Report how many lines of the entries below contain the word "VECTOR", and nothing more.

[[ MATERIAL PROVIDED open ]]

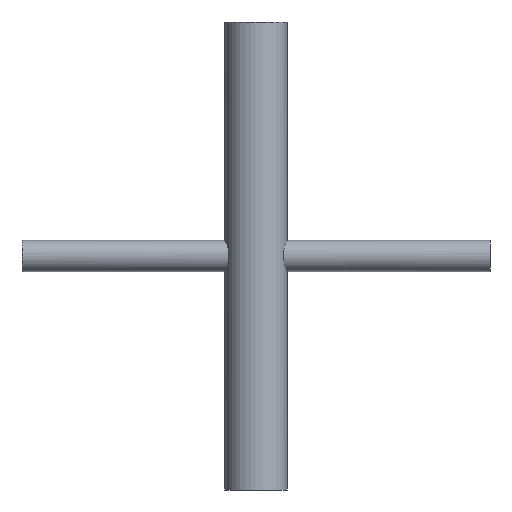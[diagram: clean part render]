
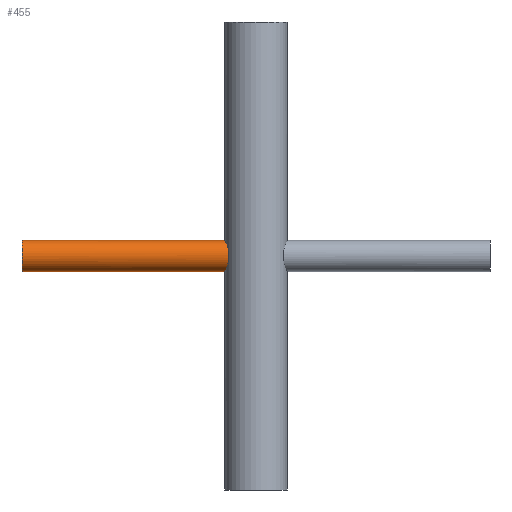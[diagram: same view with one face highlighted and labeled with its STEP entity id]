
A CAD part, front view. The second image highlights one B-rep face of the part: STEP entity #455.
In plain terms, the highlighted cylindrical face has radius 3.175 mm (diameter 6.35 mm), a partial arc.
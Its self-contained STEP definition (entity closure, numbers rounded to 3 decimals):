
#10 = CARTESIAN_POINT ( 'NONE',  ( -5.884, -2.392, -2.098 ) ) ;
#11 = CARTESIAN_POINT ( 'NONE',  ( -5.725, -2.751, 1.599 ) ) ;
#24 = CARTESIAN_POINT ( 'NONE',  ( -6.298, -0.84, -3.069 ) ) ;
#33 = CARTESIAN_POINT ( 'NONE',  ( -47.625, 0., -3.175 ) ) ;
#57 = EDGE_CURVE ( 'NONE', #220, #98, #244, .T. ) ;
#65 = CARTESIAN_POINT ( 'NONE',  ( -5.724, -2.752, -1.597 ) ) ;
#67 = CARTESIAN_POINT ( 'NONE',  ( -5.885, -2.391, 2.099 ) ) ;
#76 = CARTESIAN_POINT ( 'NONE',  ( -47.625, 0., 0. ) ) ;
#82 = CIRCLE ( 'NONE', #403, 3.175 ) ;
#96 = CARTESIAN_POINT ( 'NONE',  ( -47.625, 0., 0. ) ) ;
#98 = VERTEX_POINT ( 'NONE', #360 ) ;
#124 = CARTESIAN_POINT ( 'NONE',  ( -5.592, -3.01, -1.032 ) ) ;
#125 = CARTESIAN_POINT ( 'NONE',  ( -6.048, -1.944, 2.519 ) ) ;
#146 = DIRECTION ( 'NONE',  ( 1., 0., 0. ) ) ;
#150 = DIRECTION ( 'NONE',  ( 1., 0., 0. ) ) ;
#177 = CARTESIAN_POINT ( 'NONE',  ( -5.511, -3.154, -0.42 ) ) ;
#180 = CARTESIAN_POINT ( 'NONE',  ( -6.192, -1.42, 2.847 ) ) ;
#200 = DIRECTION ( 'NONE',  ( 1., 0., 0. ) ) ;
#203 = VECTOR ( 'NONE', #200, 1000. ) ;
#208 = ORIENTED_EDGE ( 'NONE', *, *, #509, .T. ) ;
#212 = DIRECTION ( 'NONE',  ( 0., 0., -1. ) ) ;
#216 = DIRECTION ( 'NONE',  ( 0., 0., -1. ) ) ;
#220 = VERTEX_POINT ( 'NONE', #687 ) ;
#222 = LINE ( 'NONE', #672, #519 ) ;
#241 = CARTESIAN_POINT ( 'NONE',  ( -6.192, -1.422, -2.846 ) ) ;
#244 = B_SPLINE_CURVE_WITH_KNOTS ( 'NONE', 3,
 ( #655, #303, #478, #246, #596, #180, #539, #125, #475, #67, #415, #11, #359, #708, #301, #652, #245, #594, #177, #538, #124, #472, #65, #414, #10, #355, #706, #300, #241, #714, #24, #249, #657, #307 ),
 .UNSPECIFIED., .F., .F.,
 ( 4, 2, 2, 2, 2, 2, 2, 2, 2, 2, 2, 2, 2, 2, 2, 2, 4 ),
 ( 0., 0.001, 0.001, 0.002, 0.003, 0.003, 0.004, 0.004, 0.005, 0.006, 0.006, 0.007, 0.008, 0.008, 0.009, 0.009, 0.01 ),
 .UNSPECIFIED. ) ;
#245 = CARTESIAN_POINT ( 'NONE',  ( -5.499, -3.175, 0.217 ) ) ;
#246 = CARTESIAN_POINT ( 'NONE',  ( -6.298, -0.834, 3.071 ) ) ;
#249 = CARTESIAN_POINT ( 'NONE',  ( -6.339, -0.424, -3.154 ) ) ;
#264 = ORIENTED_EDGE ( 'NONE', *, *, #463, .F. ) ;
#278 = ORIENTED_EDGE ( 'NONE', *, *, #57, .F. ) ;
#300 = CARTESIAN_POINT ( 'NONE',  ( -6.147, -1.604, -2.748 ) ) ;
#301 = CARTESIAN_POINT ( 'NONE',  ( -5.559, -3.07, 0.836 ) ) ;
#303 = CARTESIAN_POINT ( 'NONE',  ( -6.35, -0.214, 3.175 ) ) ;
#307 = CARTESIAN_POINT ( 'NONE',  ( -6.35, 0., -3.175 ) ) ;
#318 = DIRECTION ( 'NONE',  ( 1., 0., 0. ) ) ;
#336 = FACE_OUTER_BOUND ( 'NONE', #474, .T. ) ;
#355 = CARTESIAN_POINT ( 'NONE',  ( -5.993, -2.104, -2.386 ) ) ;
#359 = CARTESIAN_POINT ( 'NONE',  ( -5.676, -2.848, 1.419 ) ) ;
#360 = CARTESIAN_POINT ( 'NONE',  ( -6.35, 0., -3.175 ) ) ;
#401 = VERTEX_POINT ( 'NONE', #33 ) ;
#403 = AXIS2_PLACEMENT_3D ( 'NONE', #96, #150, #216 ) ;
#414 = CARTESIAN_POINT ( 'NONE',  ( -5.829, -2.523, -1.938 ) ) ;
#415 = CARTESIAN_POINT ( 'NONE',  ( -5.829, -2.521, 1.94 ) ) ;
#455 = ADVANCED_FACE ( 'NONE', ( #336 ), #740, .T. ) ;
#463 = EDGE_CURVE ( 'NONE', #691, #220, #516, .T. ) ;
#472 = CARTESIAN_POINT ( 'NONE',  ( -5.676, -2.849, -1.416 ) ) ;
#473 = AXIS2_PLACEMENT_3D ( 'NONE', #76, #318, #212 ) ;
#474 = EDGE_LOOP ( 'NONE', ( #264, #208, #515, #278 ) ) ;
#475 = CARTESIAN_POINT ( 'NONE',  ( -5.994, -2.103, 2.387 ) ) ;
#478 = CARTESIAN_POINT ( 'NONE',  ( -6.339, -0.423, 3.154 ) ) ;
#508 = CARTESIAN_POINT ( 'NONE',  ( -47.625, 0., 3.175 ) ) ;
#509 = EDGE_CURVE ( 'NONE', #691, #401, #82, .T. ) ;
#515 = ORIENTED_EDGE ( 'NONE', *, *, #656, .T. ) ;
#516 = LINE ( 'NONE', #624, #203 ) ;
#519 = VECTOR ( 'NONE', #146, 1000. ) ;
#538 = CARTESIAN_POINT ( 'NONE',  ( -5.558, -3.072, -0.83 ) ) ;
#539 = CARTESIAN_POINT ( 'NONE',  ( -6.147, -1.602, 2.749 ) ) ;
#594 = CARTESIAN_POINT ( 'NONE',  ( -5.499, -3.175, -0.206 ) ) ;
#596 = CARTESIAN_POINT ( 'NONE',  ( -6.268, -1.037, 3.008 ) ) ;
#624 = CARTESIAN_POINT ( 'NONE',  ( -47.625, 0., 3.175 ) ) ;
#652 = CARTESIAN_POINT ( 'NONE',  ( -5.512, -3.153, 0.425 ) ) ;
#655 = CARTESIAN_POINT ( 'NONE',  ( -6.35, 0., 3.175 ) ) ;
#656 = EDGE_CURVE ( 'NONE', #401, #98, #222, .T. ) ;
#657 = CARTESIAN_POINT ( 'NONE',  ( -6.35, -0.214, -3.175 ) ) ;
#672 = CARTESIAN_POINT ( 'NONE',  ( -47.625, 0., -3.175 ) ) ;
#687 = CARTESIAN_POINT ( 'NONE',  ( -6.35, 0., 3.175 ) ) ;
#691 = VERTEX_POINT ( 'NONE', #508 ) ;
#706 = CARTESIAN_POINT ( 'NONE',  ( -6.047, -1.947, -2.516 ) ) ;
#708 = CARTESIAN_POINT ( 'NONE',  ( -5.593, -3.007, 1.039 ) ) ;
#714 = CARTESIAN_POINT ( 'NONE',  ( -6.267, -1.041, -3.007 ) ) ;
#740 = CYLINDRICAL_SURFACE ( 'NONE', #473, 3.175 ) ;

[[ MATERIAL PROVIDED closed ]]

ANSWER SECTION:
2